**TASK ITEM:** Scan the records for the string "STEP" and state how many lines contain it, using the number alone.

[Stored data entries]
------
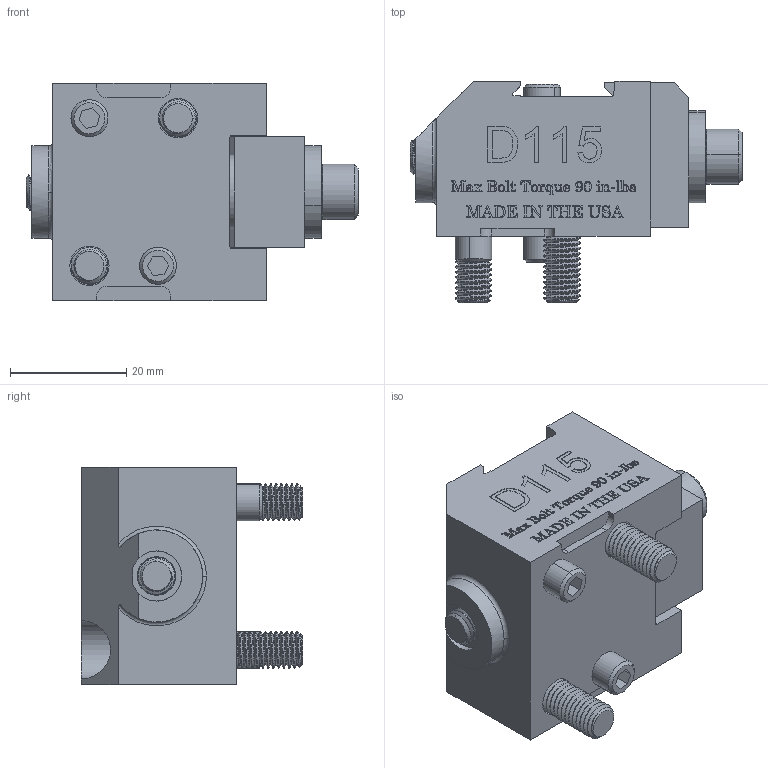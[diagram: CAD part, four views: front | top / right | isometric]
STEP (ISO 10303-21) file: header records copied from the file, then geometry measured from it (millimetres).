
FILE_DESCRIPTION (( 'STEP AP214' ), '1' );
FILE_NAME ('D115.STEP', '2019-05-07T15:10:56', ( '' ), ( '' ), 'SwSTEP 2.0', 'SolidWorks 2018', '' );
FILE_SCHEMA (( 'AUTOMOTIVE_DESIGN' ));
Length unit declared in the file: inch
Products named in the file (9): 72098_91251A441; HW.LCM110E01M; 73072_DEFAULT; HW.0250.FW_DEFAULT; SLD25_SLD25; CDS25; LP250_NO THREADS ; D115-1; D115
Assembly tree (11 placements, depth 2):
  D115
    D115-1
    LP250_NO THREADS   x3
    CDS25
    SLD25_SLD25
    HW.0250.FW_DEFAULT
    73072_DEFAULT
    HW.LCM110E01M
    72098_91251A441  x2
Bounding box: 57.15 x 38.1 x 37.47 mm (x, y, z)
Volume: 36882.1 mm3; surface area: 20520.8 mm2
Topology: 11 solids, 11 shells, 1686 faces, 4595 edges, 3034 vertices
Faces by surface type: plane 742, bspline 431, cylinder 426, cone 79, torus 8
Entity records: 83757 total; most frequent: CARTESIAN_POINT 36789, ORIENTED_EDGE 8084, DIRECTION 5053, EDGE_CURVE 4042, VERTEX_POINT 2677, VECTOR 2499, LINE 2499, EDGE_LOOP 1593
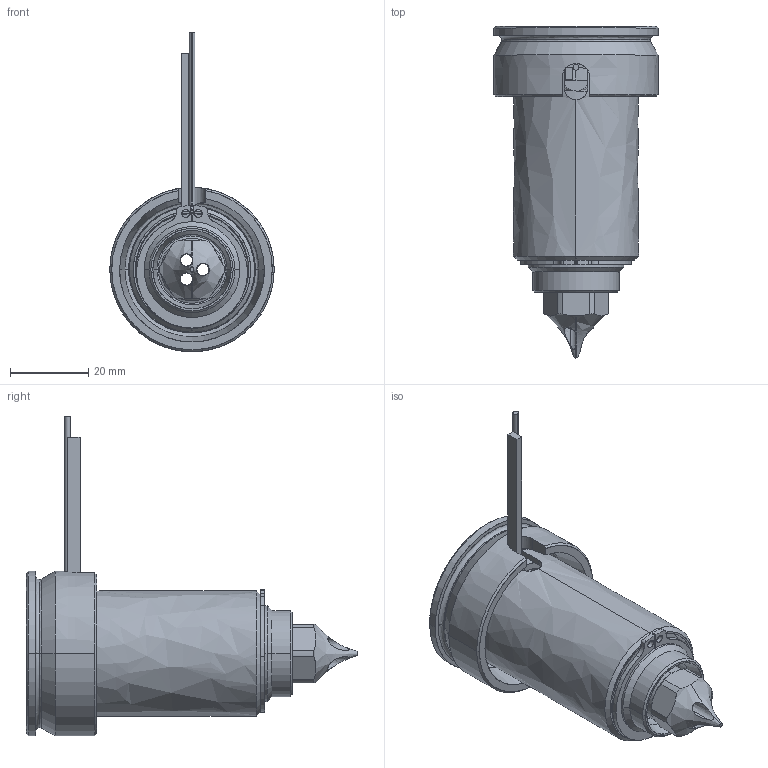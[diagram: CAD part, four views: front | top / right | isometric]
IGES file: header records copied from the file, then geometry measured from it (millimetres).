
Start section: SolidWorks IGES file using analytic representation for surfaces
Global section: file name: C:\Users\luca.EMPAD\Desktop\TEM\UGDL3612-S-A-1 [Øf=1.0 ØC=10].IGS; native system: SolidWorks 2012; preprocessor: SolidWorks 2012; author: luca; date: 120330.160514; units: millimetre
Bounding box: 42 x 84.8 x 81.65 mm (x, y, z)
Surface area: 27128.5 mm2 (no closed solid volume)
Topology: 0 solids, 0 shells, 130 faces, 2270 edges, 2270 vertices
Faces by surface type: revolution 81, bspline 49
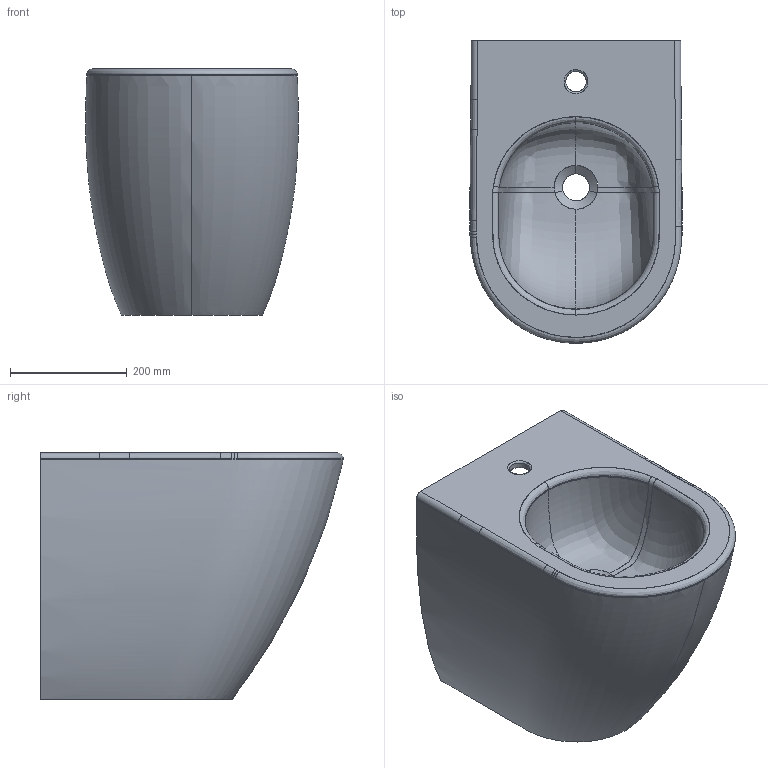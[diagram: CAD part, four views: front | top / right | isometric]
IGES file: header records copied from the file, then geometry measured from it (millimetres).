
Global section: file name: /Volumes/Documenti/lavoro/DATI_archivio 1/SITO ALTHEA CERAMICA/2022/SCHEDE PRODOTTO/COVER RIMLESS PLUSTON/Bidet_COVER_pluston.igs; preprocessor: Trout Lake IGES 012 Jun 21 2016; date: 220428.085937; units: micron
Bounding box: 364.12 x 517.43 x 420.96 mm (x, y, z)
Surface area: 838566.8 mm2 (no closed solid volume)
Topology: 0 solids, 0 shells, 49 faces, 1291 edges, 1291 vertices
Faces by surface type: bspline 49
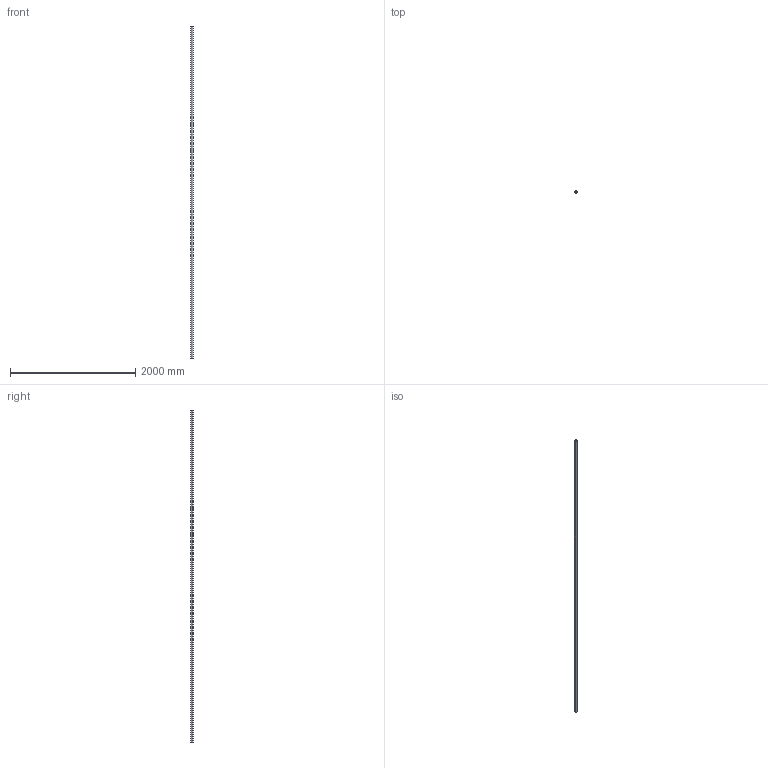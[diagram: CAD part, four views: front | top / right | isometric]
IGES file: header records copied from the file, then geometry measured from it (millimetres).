
Start section: SolidWorks IGES file using analytic representation for surfaces
Global section: file name: C:\Users\IanO\Desktop\L1771_v2\L1771.40_v2\L1771.40_v2_20230705_IGES\L1771.40-5300.igs; native system: SolidWorks 2019; preprocessor: SolidWorks 2019; author: IanO; date: 230705.163044; units: millimetre
Bounding box: 40 x 40 x 5300 mm (x, y, z)
Surface area: 1133511.8 mm2 (no closed solid volume)
Topology: 0 solids, 0 shells, 6 faces, 272 edges, 272 vertices
Faces by surface type: revolution 4, bspline 2
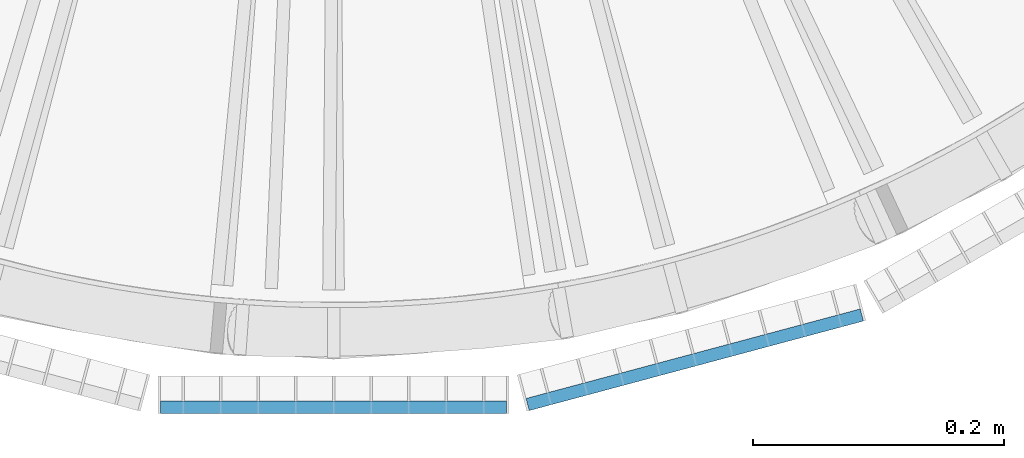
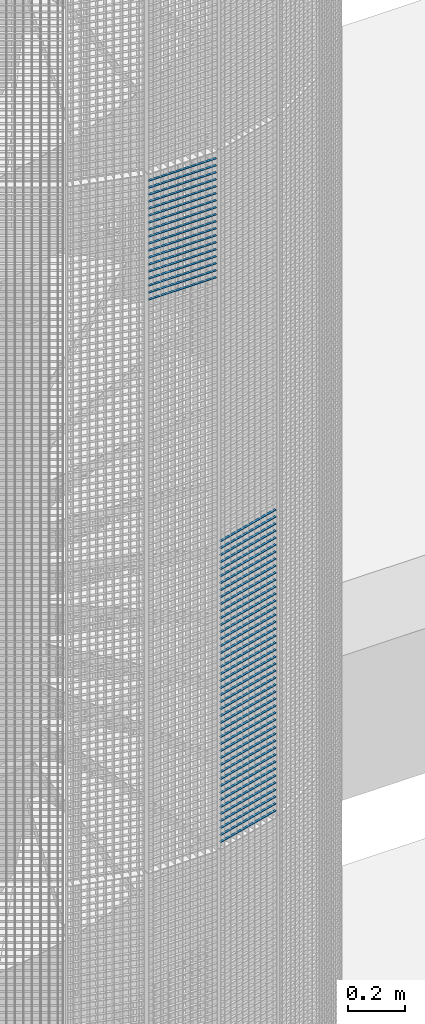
# One storey, part 141 of 1148: 62 beams, 2 elements without a shape of their own.
"""IFC2X3 building model written with IfcOpenShell, lengths in millimetres."""

import ifcopenshell
import ifcopenshell.guid

model = None  # the IFC model being written
_history = None  # IfcOwnerHistory: only IFC2X3 demands one
_inside = {}  # id of a spatial element -> (the spatial element, [elements in it])
_under = {}  # id of a project, library or spatial element -> (it, [spatial elements below it])
_declared = {}  # id of a project -> (the project, [libraries it declares])
_typed = {}  # id of a type object -> (the type object, [elements of that type])
_made_of = {}  # id of a material, layer set ... -> (it, [elements and type objects made of it])


def new_model(schema):
    """Start an empty IFC model of exactly this schema.

    Asked for "IFC4X3", IfcOpenShell would pick the latest addendum, in which some entities
    have other attributes; the version numbers below select the first issue.
    IFC2X3 requires an IfcOwnerHistory on every rooted entity: one is made here for all.
    """
    global model, _history
    if schema == "IFC4X3":
        model = ifcopenshell.file(schema_version=(4, 3, 0, 0))
    else:
        model = ifcopenshell.file(schema=schema)
    _inside.clear()
    _under.clear()
    _declared.clear()
    _typed.clear()
    _made_of.clear()
    _history = None
    if model.schema == "IFC2X3":
        org = make("IfcOrganization", Name="unknown")
        user = make(
            "IfcPersonAndOrganization",
            ThePerson=make("IfcPerson", FamilyName="unknown"),
            TheOrganization=org,
        )
        app = make(
            "IfcApplication",
            ApplicationDeveloper=org,
            Version="unknown",
            ApplicationFullName="unknown",
            ApplicationIdentifier="unknown",
        )
        _history = make(
            "IfcOwnerHistory",
            OwningUser=user,
            OwningApplication=app,
            ChangeAction="ADDED",
            CreationDate=0,
        )
    return model


def make(cls, **values):
    """One entity of the class cls with the attributes given. An attribute that is None is left unset."""
    return model.create_entity(
        cls, **{name: value for name, value in values.items() if value is not None}
    )


def rooted(cls, **values):
    """An entity with a GlobalId (a new one), such as an element, a storey or a relation."""
    return make(cls, GlobalId=ifcopenshell.guid.new(), OwnerHistory=_history, **values)


def si_unit(unit_type, name, prefix=None):
    """IfcSIUnit, for example si_unit("LENGTHUNIT", "METRE", prefix="MILLI")."""
    return make("IfcSIUnit", UnitType=unit_type, Prefix=prefix, Name=name)


def assignment(units):
    """IfcUnitAssignment: the units of a project."""
    return None if units is None else make("IfcUnitAssignment", Units=units)


def point(xyz):
    """IfcCartesianPoint."""
    return None if xyz is None else make("IfcCartesianPoint", Coordinates=xyz)


def direction(xyz):
    """IfcDirection."""
    return None if xyz is None else make("IfcDirection", DirectionRatios=xyz)


def frame(location, z_axis=None, x_axis=None):
    """IfcAxis2Placement3D, a coordinate frame: its origin and axes. An axis left out is left unset."""
    return make(
        "IfcAxis2Placement3D",
        Location=point(location),
        Axis=direction(z_axis),
        RefDirection=direction(x_axis),
    )


def frame_2d(location, x_axis=None):
    """IfcAxis2Placement2D, a coordinate frame in the plane: its origin and x axis."""
    return make(
        "IfcAxis2Placement2D", Location=point(location), RefDirection=direction(x_axis)
    )


def origin_with_axes():
    """The frame at (0, 0, 0) with the z axis (0, 0, 1) and the x axis (1, 0, 0) written out."""
    return frame((0.0, 0.0, 0.0), z_axis=(0.0, 0.0, 1.0), x_axis=(1.0, 0.0, 0.0))


def origin_2d_with_axis():
    """The frame at (0, 0) in the plane with the x axis (1, 0) written out."""
    return frame_2d((0.0, 0.0), x_axis=(1.0, 0.0))


def place(relative_to, where):
    """IfcLocalPlacement: puts the frame where relative to a parent placement (None: the world)."""
    return make(
        "IfcLocalPlacement", PlacementRelTo=relative_to, RelativePlacement=where
    )


def context(
    kind, dimensions, precision=None, world=None, true_north=None, identifier=None
):
    """IfcGeometricRepresentationContext, for example the 3D "Model" context."""
    return make(
        "IfcGeometricRepresentationContext",
        ContextIdentifier=identifier,
        ContextType=kind,
        CoordinateSpaceDimension=dimensions,
        Precision=precision,
        WorldCoordinateSystem=world,
        TrueNorth=true_north,
    )


def subcontext(parent, identifier, kind, view, scale=None):
    """IfcGeometricRepresentationSubContext, for example "Body" below "Model"."""
    return make(
        "IfcGeometricRepresentationSubContext",
        ContextIdentifier=identifier,
        ContextType=kind,
        ParentContext=parent,
        TargetScale=scale,
        TargetView=view,
    )


def project(units=None, contexts=None):
    """IfcProject with its units and contexts."""
    return rooted(
        "IfcProject",
        Name="project",
        RepresentationContexts=contexts,
        UnitsInContext=assignment(units),
    )


def spatial(cls, under=None, at=None, **own):
    """A site, building, storey or space (cls), placed at a placement, below another one or the project."""
    s = rooted(cls, ObjectPlacement=at, **own)
    if under is not None:
        _under.setdefault(under.id(), (under, []))[1].append(s)
    return s


def profile(cls, at=None, kind="AREA", **sizes):
    """A parametric profile (cls). Its sizes go by their IFC names, for example OverallWidth=200.0."""
    return make(cls, ProfileType=kind, Position=at, **sizes)


def rectangle(**sizes):
    """IfcRectangleProfileDef."""
    return profile("IfcRectangleProfileDef", **sizes)


def extrude(swept, where, along, depth):
    """IfcExtrudedAreaSolid: the profile swept, set in the frame where, extruded along a direction by depth."""
    return make(
        "IfcExtrudedAreaSolid",
        SweptArea=swept,
        Position=where,
        ExtrudedDirection=direction(along),
        Depth=depth,
    )


def shape(context_of_items, identifier, shape_type, items):
    """IfcShapeRepresentation: the items that make up one representation, for example the "Body"."""
    return make(
        "IfcShapeRepresentation",
        ContextOfItems=context_of_items,
        RepresentationIdentifier=identifier,
        RepresentationType=shape_type,
        Items=items,
    )


def material(Name=None, Category=None):
    """IfcMaterial."""
    return make("IfcMaterial", Name=Name, Category=Category)


def made_of(thing, what):
    """Note that an element or type object is made of a material, layer set ...; save() writes the relation."""
    if what is not None:
        _made_of.setdefault(what.id(), (what, []))[1].append(thing)
    return thing


def type_object(cls, material=None, **own):
    """A type object (cls), such as IfcWallType, which elements share."""
    return made_of(rooted(cls, **own), material)


def element(
    cls,
    number,
    at=None,
    inside=None,
    cuts=None,
    type_object=None,
    material=None,
    context=None,
    identifier="Body",
    shape_type=None,
    held_by="IfcProductDefinitionShape",
    body=None,
    shapes=None,
    **own,
):
    """One element of the class cls, such as IfcWall. Its Tag is "e" and its number.

    at: its placement. inside: the storey or other place that contains it. cuts: it is an
    opening in that element (IfcRelVoidsElement). A single representation is given by context,
    identifier, shape_type and body (its items); several are given by shapes. held_by: the class
    of the entity that holds the representations. save() writes the other relations.
    """
    e = rooted(cls, Tag="e%d" % number, ObjectPlacement=at, **own)
    if body is not None:
        shapes = [shape(context, identifier, shape_type, body)]
    if shapes is not None:
        e.Representation = make(held_by, Representations=shapes)
    if inside is not None:
        _inside.setdefault(inside.id(), (inside, []))[1].append(e)
    if cuts is not None:
        rooted(
            "IfcRelVoidsElement", RelatingBuildingElement=cuts, RelatedOpeningElement=e
        )
    if type_object is not None:
        _typed.setdefault(type_object.id(), (type_object, []))[1].append(e)
    return made_of(e, material)


def aggregate(whole, parts):
    """IfcRelAggregates: a whole, such as a stair, and the parts it consists of."""
    return rooted("IfcRelAggregates", RelatingObject=whole, RelatedObjects=parts)


def save(model, path):
    """Write the relations noted so far, then the file.

    IfcRelAggregates (storeys below a building ...), IfcRelContainedInSpatialStructure (elements
    in a storey), IfcRelDefinesByType, IfcRelAssociatesMaterial and IfcRelDeclares: one each for
    every whole, place, type object, material and project.
    """
    for whole, parts in _under.values():
        aggregate(whole, parts)
    for where, things in _inside.values():
        rooted(
            "IfcRelContainedInSpatialStructure",
            RelatedElements=things,
            RelatingStructure=where,
        )
    for kind, things in _typed.values():
        rooted("IfcRelDefinesByType", RelatedObjects=things, RelatingType=kind)
    for what, things in _made_of.values():
        rooted("IfcRelAssociatesMaterial", RelatedObjects=things, RelatingMaterial=what)
    for by, libraries in _declared.values():
        rooted("IfcRelDeclares", RelatingContext=by, RelatedDefinitions=libraries)
    model.write(path)


model = new_model("IFC2X3")

# Units and contexts
model_context = context("Model", 3, precision=1e-05, world=origin_with_axes())
body_context = subcontext(model_context, "Body", "Model", "MODEL_VIEW")
ifc_project = project(units=[si_unit("LENGTHUNIT", "METRE", prefix="MILLI"), si_unit("AREAUNIT", "SQUARE_METRE"), si_unit("VOLUMEUNIT", "CUBIC_METRE"), si_unit("MASSUNIT", "GRAM", prefix="KILO"), si_unit("TIMEUNIT", "SECOND"), si_unit("PLANEANGLEUNIT", "RADIAN"), si_unit("SOLIDANGLEUNIT", "STERADIAN"), si_unit("THERMODYNAMICTEMPERATUREUNIT", "DEGREE_CELSIUS"), si_unit("LUMINOUSINTENSITYUNIT", "LUMEN")], contexts=[model_context])

# Site, building, storey
site_placement = place(None, origin_with_axes())
site = spatial("IfcSite", under=ifc_project, at=site_placement, Name="Undefined", CompositionType="ELEMENT")
building_placement = place(site_placement, origin_with_axes())
building = spatial("IfcBuilding", under=site, at=building_placement, Name="Undefined", CompositionType="ELEMENT")
storey_placement = place(building_placement, origin_with_axes())
storey = spatial("IfcBuildingStorey", under=building, at=storey_placement, Name="Undefined", CompositionType="ELEMENT", Elevation=0.0)

# Assembly, beams
assembly_1_placement = place(storey_placement, origin_with_axes())
assembly_1 = element("IfcElementAssembly", 1, at=assembly_1_placement, inside=storey, Name="BORDURE", AssemblyPlace="NOTDEFINED", PredefinedType="NOTDEFINED")
ifc_material = material(Name="STEEL/S235JR")
beam_type = type_object("IfcBeamType", Name="PL2*10", PredefinedType="NOTDEFINED")
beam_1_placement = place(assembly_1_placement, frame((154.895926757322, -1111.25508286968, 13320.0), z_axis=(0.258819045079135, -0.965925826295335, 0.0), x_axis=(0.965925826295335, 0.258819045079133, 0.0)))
------
**RESULT BELOW:** 3